Michael J Bloch, MD, FACP, FASH, FSVM, FNLA
Jan Basile, MD
Section Editor
George L Bakris, MD
Deputy Editors
Daniel J Sullivan, MD, MPH
John P Forman, MD, MSc


Drug-induced changes in lipid levels may be particularly important in hypertensive patients since up to 45 percent of untreated patients with primary hypertension (formerly called "essential" hypertension) already have lipid abnormalities, such as a high low-density lipoprotein (LDL) cholesterol [1]. In addition, genetic studies in humans suggest that a predisposition for the development of both hypertension and dyslipidemia may result from the inheritance of shared genetic risk factors [2].

Treatment of hypertension can affect lipid levels, and treatment of dyslipidemia can affect blood pressure. Some antihypertensive drugs, for example, have a neutral or beneficial effect on the lipid profile while others have an adverse effect; such adverse effects are outweighed by the beneficial effects of blood pressure lowering on cardiovascular risk. In addition, lipid-lowering therapy with statins may reduce blood pressure. In general, effects of blood pressure-lowering agents on lipid levels and effects of statins on blood pressure are modest. Blood pressure lowering and lipid lowering provide independent and, at least, additive reductions in cardiovascular risk [3,4].


Antihypertensive drugs with adverse effects on plasma lipid levels — Thiazide diuretics and beta blockers may adversely affect lipid levels. However, we would not avoid using these medications (if otherwise indicated) in a patient with dyslipidemia, and, similarly, we would not discontinue these medications in a patient just to improve the lipid profile [5].

Thiazide diuretics — Very high doses of thiazide diuretics (50 to 100 mg of hydrochlorothiazide or chlorthalidone in one study) produce an initial 5 to 10 percent elevation in total and low-density lipoprotein (LDL) cholesterol and a lesser increase in triglycerides [6]. The hyperlipidemic effect of thiazide diuretics is dose dependent [6,7]. Contemporary doses lead to more modest effects. As an example, there is little or no effect on lipid metabolism with a daily dose of 12.5 mg of hydrochlorothiazide or its equivalent [8], a dose that may have an antihypertensive effect nearly as great as higher doses (see "Use of thiazide diuretics in patients with primary (essential) hypertension"). In addition, 25 mg of chlorthalidone in the Antihypertensive and Lipid Lowering Treatment to Prevent Heart Attack Trial (ALLHAT) produced a slightly higher mean total cholesterol than did lisinopril or amlodipine at four years, but the mean difference was <2.5 mg/dL [9].

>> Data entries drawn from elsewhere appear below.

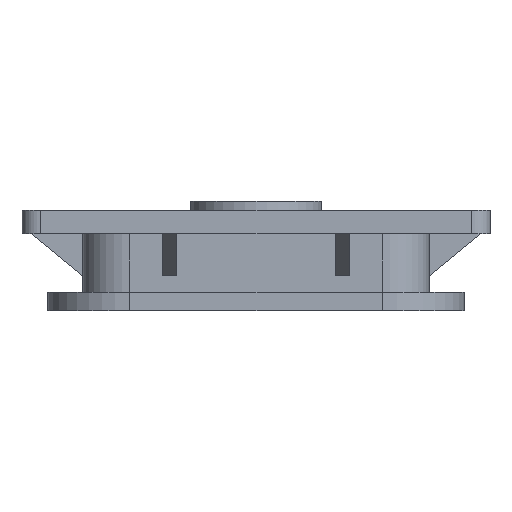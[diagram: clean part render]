
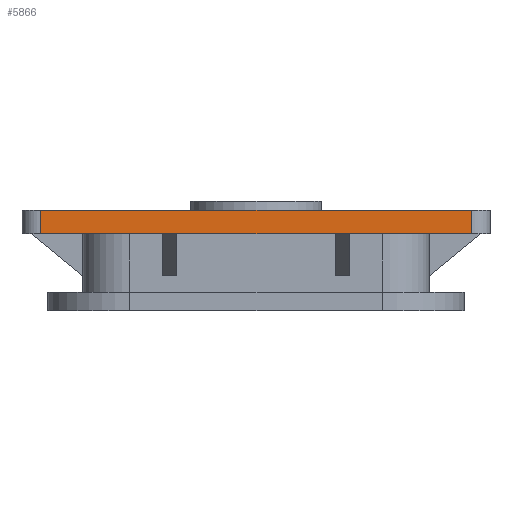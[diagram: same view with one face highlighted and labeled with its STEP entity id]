
A CAD part, left-side view. The second image highlights one B-rep face of the part: STEP entity #5866.
In plain terms, the highlighted planar face has unit normal (-1, 0, 0).
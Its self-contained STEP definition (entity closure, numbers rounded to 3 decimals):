
#2552 = PLANE('',#2553);
#2553 = AXIS2_PLACEMENT_3D('',#2554,#2555,#2556);
#2554 = CARTESIAN_POINT('',(46.5,0.,30.));
#2555 = DIRECTION('',(0.,0.,1.));
#2556 = DIRECTION('',(1.,0.,-0.));
#4114 = EDGE_CURVE('',#4115,#4117,#4119,.T.);
#4115 = VERTEX_POINT('',#4116);
#4116 = CARTESIAN_POINT('',(-33.,-46.,30.));
#4117 = VERTEX_POINT('',#4118);
#4118 = CARTESIAN_POINT('',(-33.,46.,30.));
#4119 = SURFACE_CURVE('',#4120,(#4124,#4131),.PCURVE_S1.);
#4120 = LINE('',#4121,#4122);
#4121 = CARTESIAN_POINT('',(-33.,0.,30.));
#4122 = VECTOR('',#4123,1.);
#4123 = DIRECTION('',(0.,1.,0.));
#4124 = PCURVE('',#2552,#4125);
#4125 = DEFINITIONAL_REPRESENTATION('',(#4126),#4130);
#4126 = LINE('',#4127,#4128);
#4127 = CARTESIAN_POINT('',(-79.5,0.));
#4128 = VECTOR('',#4129,1.);
#4129 = DIRECTION('',(0.,1.));
#4130 = ( GEOMETRIC_REPRESENTATION_CONTEXT(2) 
PARAMETRIC_REPRESENTATION_CONTEXT() REPRESENTATION_CONTEXT('2D SPACE',''
  ) );
#4131 = PCURVE('',#4132,#4137);
#4132 = PLANE('',#4133);
#4133 = AXIS2_PLACEMENT_3D('',#4134,#4135,#4136);
#4134 = CARTESIAN_POINT('',(-33.,-46.,30.));
#4135 = DIRECTION('',(-1.,0.,0.));
#4136 = DIRECTION('',(0.,1.,0.));
#4137 = DEFINITIONAL_REPRESENTATION('',(#4138),#4142);
#4138 = LINE('',#4139,#4140);
#4139 = CARTESIAN_POINT('',(46.,0.));
#4140 = VECTOR('',#4141,1.);
#4141 = DIRECTION('',(1.,0.));
#4142 = ( GEOMETRIC_REPRESENTATION_CONTEXT(2) 
PARAMETRIC_REPRESENTATION_CONTEXT() REPRESENTATION_CONTEXT('2D SPACE',''
  ) );
#4165 = CYLINDRICAL_SURFACE('',#4166,4.);
#4166 = AXIS2_PLACEMENT_3D('',#4167,#4168,#4169);
#4167 = CARTESIAN_POINT('',(-29.,-46.,30.));
#4168 = DIRECTION('',(0.,0.,-1.));
#4169 = DIRECTION('',(-1.,0.,0.));
#4346 = CYLINDRICAL_SURFACE('',#4347,4.);
#4347 = AXIS2_PLACEMENT_3D('',#4348,#4349,#4350);
#4348 = CARTESIAN_POINT('',(-29.,46.,30.));
#4349 = DIRECTION('',(0.,0.,-1.));
#4350 = DIRECTION('',(-1.,0.,0.));
#5866 = ADVANCED_FACE('',(#5867),#4132,.T.);
#5867 = FACE_BOUND('',#5868,.T.);
#5868 = EDGE_LOOP('',(#5869,#5892,#5920,#5941));
#5869 = ORIENTED_EDGE('',*,*,#5870,.T.);
#5870 = EDGE_CURVE('',#4115,#5871,#5873,.T.);
#5871 = VERTEX_POINT('',#5872);
#5872 = CARTESIAN_POINT('',(-33.,-46.,35.));
#5873 = SURFACE_CURVE('',#5874,(#5878,#5885),.PCURVE_S1.);
#5874 = LINE('',#5875,#5876);
#5875 = CARTESIAN_POINT('',(-33.,-46.,30.));
#5876 = VECTOR('',#5877,1.);
#5877 = DIRECTION('',(0.,0.,1.));
#5878 = PCURVE('',#4132,#5879);
#5879 = DEFINITIONAL_REPRESENTATION('',(#5880),#5884);
#5880 = LINE('',#5881,#5882);
#5881 = CARTESIAN_POINT('',(0.,0.));
#5882 = VECTOR('',#5883,1.);
#5883 = DIRECTION('',(0.,-1.));
#5884 = ( GEOMETRIC_REPRESENTATION_CONTEXT(2) 
PARAMETRIC_REPRESENTATION_CONTEXT() REPRESENTATION_CONTEXT('2D SPACE',''
  ) );
#5885 = PCURVE('',#4165,#5886);
#5886 = DEFINITIONAL_REPRESENTATION('',(#5887),#5891);
#5887 = LINE('',#5888,#5889);
#5888 = CARTESIAN_POINT('',(6.283,0.));
#5889 = VECTOR('',#5890,1.);
#5890 = DIRECTION('',(0.,-1.));
#5891 = ( GEOMETRIC_REPRESENTATION_CONTEXT(2) 
PARAMETRIC_REPRESENTATION_CONTEXT() REPRESENTATION_CONTEXT('2D SPACE',''
  ) );
#5892 = ORIENTED_EDGE('',*,*,#5893,.T.);
#5893 = EDGE_CURVE('',#5871,#5894,#5896,.T.);
#5894 = VERTEX_POINT('',#5895);
#5895 = CARTESIAN_POINT('',(-33.,46.,35.));
#5896 = SURFACE_CURVE('',#5897,(#5901,#5908),.PCURVE_S1.);
#5897 = LINE('',#5898,#5899);
#5898 = CARTESIAN_POINT('',(-33.,0.,35.));
#5899 = VECTOR('',#5900,1.);
#5900 = DIRECTION('',(0.,1.,0.));
#5901 = PCURVE('',#4132,#5902);
#5902 = DEFINITIONAL_REPRESENTATION('',(#5903),#5907);
#5903 = LINE('',#5904,#5905);
#5904 = CARTESIAN_POINT('',(46.,-5.));
#5905 = VECTOR('',#5906,1.);
#5906 = DIRECTION('',(1.,0.));
#5907 = ( GEOMETRIC_REPRESENTATION_CONTEXT(2) 
PARAMETRIC_REPRESENTATION_CONTEXT() REPRESENTATION_CONTEXT('2D SPACE',''
  ) );
#5908 = PCURVE('',#5909,#5914);
#5909 = PLANE('',#5910);
#5910 = AXIS2_PLACEMENT_3D('',#5911,#5912,#5913);
#5911 = CARTESIAN_POINT('',(46.5,0.,35.));
#5912 = DIRECTION('',(0.,0.,1.));
#5913 = DIRECTION('',(1.,0.,-0.));
#5914 = DEFINITIONAL_REPRESENTATION('',(#5915),#5919);
#5915 = LINE('',#5916,#5917);
#5916 = CARTESIAN_POINT('',(-79.5,0.));
#5917 = VECTOR('',#5918,1.);
#5918 = DIRECTION('',(0.,1.));
#5919 = ( GEOMETRIC_REPRESENTATION_CONTEXT(2) 
PARAMETRIC_REPRESENTATION_CONTEXT() REPRESENTATION_CONTEXT('2D SPACE',''
  ) );
#5920 = ORIENTED_EDGE('',*,*,#5921,.F.);
#5921 = EDGE_CURVE('',#4117,#5894,#5922,.T.);
#5922 = SURFACE_CURVE('',#5923,(#5927,#5934),.PCURVE_S1.);
#5923 = LINE('',#5924,#5925);
#5924 = CARTESIAN_POINT('',(-33.,46.,30.));
#5925 = VECTOR('',#5926,1.);
#5926 = DIRECTION('',(0.,0.,1.));
#5927 = PCURVE('',#4132,#5928);
#5928 = DEFINITIONAL_REPRESENTATION('',(#5929),#5933);
#5929 = LINE('',#5930,#5931);
#5930 = CARTESIAN_POINT('',(92.,0.));
#5931 = VECTOR('',#5932,1.);
#5932 = DIRECTION('',(0.,-1.));
#5933 = ( GEOMETRIC_REPRESENTATION_CONTEXT(2) 
PARAMETRIC_REPRESENTATION_CONTEXT() REPRESENTATION_CONTEXT('2D SPACE',''
  ) );
#5934 = PCURVE('',#4346,#5935);
#5935 = DEFINITIONAL_REPRESENTATION('',(#5936),#5940);
#5936 = LINE('',#5937,#5938);
#5937 = CARTESIAN_POINT('',(0.,0.));
#5938 = VECTOR('',#5939,1.);
#5939 = DIRECTION('',(0.,-1.));
#5940 = ( GEOMETRIC_REPRESENTATION_CONTEXT(2) 
PARAMETRIC_REPRESENTATION_CONTEXT() REPRESENTATION_CONTEXT('2D SPACE',''
  ) );
#5941 = ORIENTED_EDGE('',*,*,#4114,.F.);
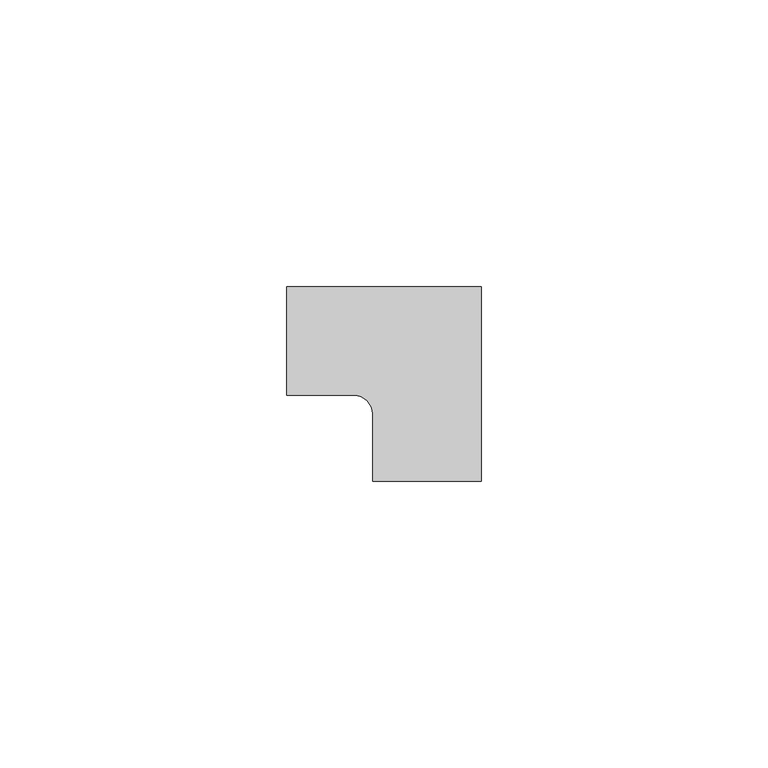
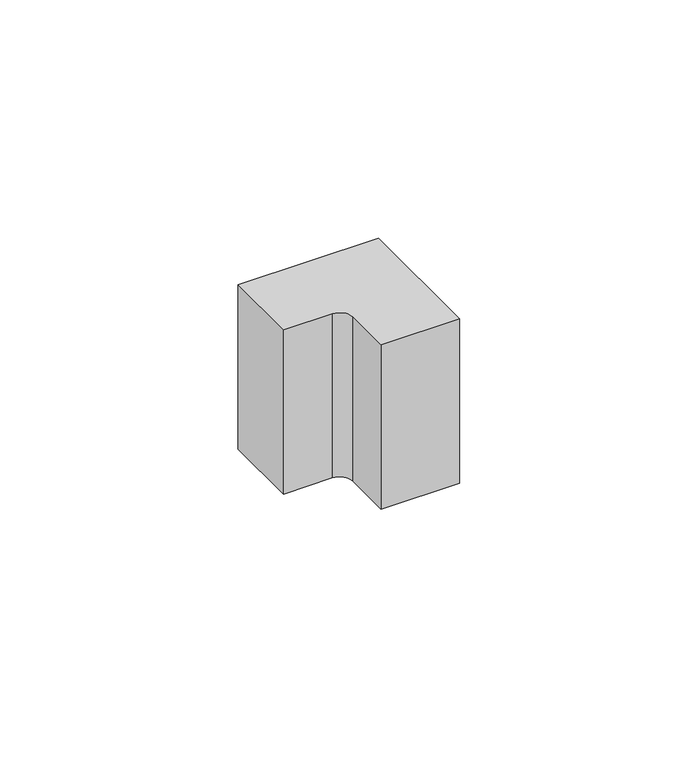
"""IFC4 building model written with IfcOpenShell, lengths in millimetres: proxy geometry, Внутренний_угол_КМВ : Внутренний угол КМВ 40х16."""

from ifc_helpers import new_model, si_unit, point, frame_2d, origin, origin_with_axes, place, context, project, spatial, polyline, circle_curve, trimmed, segment, composite_curve, outline, extrude, source, transform, mapped, element, save


def generic_models_41e2f946(model_context):
    return source(origin(), model_context, "Body", "SweptSolid", [
        extrude(outline(composite_curve([segment(polyline([(-15.0, 0.0), (-15.0, 19.0), (19.0114701, 19.0), (19.0114701, -15.0), (0.0, -15.0), (0.0, -3.184906)]), True, "CONTINUOUS"), segment(trimmed(circle_curve(frame_2d((-3.184906, -3.184906)), 3.184906), [point((0.0, -3.184906))], [point((-3.184906, 0.0))], True, "CARTESIAN"), True, "CONTINUOUS"), segment(polyline([(-3.184906, 0.0), (-15.0, 0.0)]), True, "CONTINUOUS")], self_intersect=False)), origin_with_axes(), (0.0, 0.0, 1.0), 42.0303508),
    ])


if __name__ == "__main__":
    model = new_model("IFC4")
    model_context = context("Model", 3, world=origin())
    ifc_project = project(units=[si_unit("LENGTHUNIT", "METRE", prefix="MILLI")], contexts=[model_context])
    site = spatial("IfcSite", under=ifc_project)
    building = spatial("IfcBuilding", under=site)
    placement = place(None, origin())
    generic_models_shape = generic_models_41e2f946(model_context)
    element("IfcBuildingElementProxy", 1, Name="Внутренний_угол_КМВ : Внутренний угол КМВ 40х16", ObjectType="Внутренний_угол_КМВ : Внутренний угол КМВ 40х16", at=placement, inside=building, context=model_context, shape_type="MappedRepresentation", body=[
        mapped(generic_models_shape, transform((0.0, 0.0, 0.0), x_axis=(1.0, 0.0, 0.0), y_axis=(0.0, 1.0, 0.0), z_axis=(0.0, 0.0, 1.0))),
    ])
    save(model, "model.ifc")
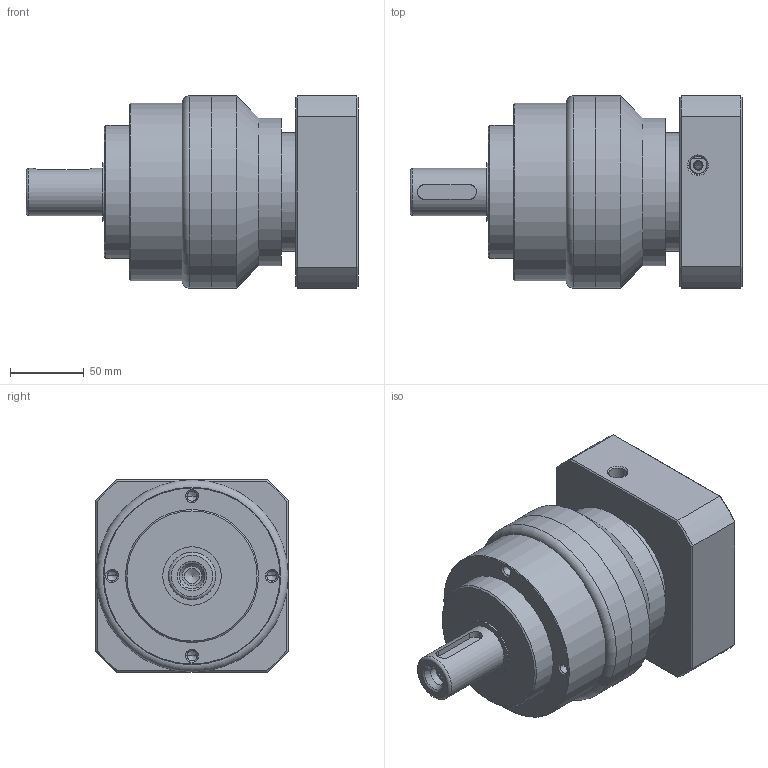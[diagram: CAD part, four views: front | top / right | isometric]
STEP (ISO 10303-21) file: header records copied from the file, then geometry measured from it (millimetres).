
FILE_DESCRIPTION(/* description */ (''),/* implementation_level */ '2;1');
FILE_NAME(/* name */ 'TE120-L2-19-95-130-M5-58-3.stp',/* time_stamp */ '2019-12-18T11:17:25+08:00',/* author */ (''),/* organization */ (''),/* preprocessor_version */ 'ST-DEVELOPER v16',/* originating_system */ 'SIEMENS PLM Software NX 10.0',/* authorisation */ '');
FILE_SCHEMA (('CONFIG_CONTROL_DESIGN'));
Length unit declared in the file: millimetre
Products named in the file (1): _model222
Bounding box: 224.51 x 130 x 130 mm (x, y, z)
Volume: 1866493.6 mm3; surface area: 199005.6 mm2
Topology: 6 solids, 6 shells, 198 faces, 467 edges, 296 vertices
Faces by surface type: plane 72, cylinder 62, cone 52, bspline 7, torus 5
Full cylindrical faces by diameter (mm): 5.2 x1, 5.5 x6, 6.5 x1, 6.8 x5, 9 x6, 10.1 x1, 12.1 x1, 13 x1, 19 x1, 22.5 x1, 26.6 x1, 27.5 x1, 28 x2, 31 x1, 32 x1, 55 x1, 80 x1, 80.013 x1, 90 x1, 95 x1, 100 x1, 120 x1, 130 x1
Entity records: 5780 total; most frequent: CARTESIAN_POINT 1573, DIRECTION 858, ORIENTED_EDGE 732, EDGE_CURVE 366, AXIS2_PLACEMENT_3D 362, EDGE_LOOP 305, VERTEX_POINT 273, FACE_BOUND 204

Beta blockers — Beta blockers are a heterogeneous class of antihypertensive medications. The effect of beta blockers on serum lipids varies with their unique pharmacologic characteristics and may be more prominent among smokers [7,10]. Many older, traditional beta blockers, both cardioselective and noncardioselective (such as atenolol, metoprolol, and propranolol), lead to a fairly modest increase in triglycerides (20 to 40 percent), a decrease in high-density lipoprotein (HDL) cholesterol (approximately 10 percent), and little effect on total cholesterol or LDL cholesterol [7,11]. By contrast, lipid levels are relatively unaffected by labetalol (a combined alpha and beta blocker) and beta blockers with intrinsic sympathomimetic activity (eg, acebutolol and pindolol) [7].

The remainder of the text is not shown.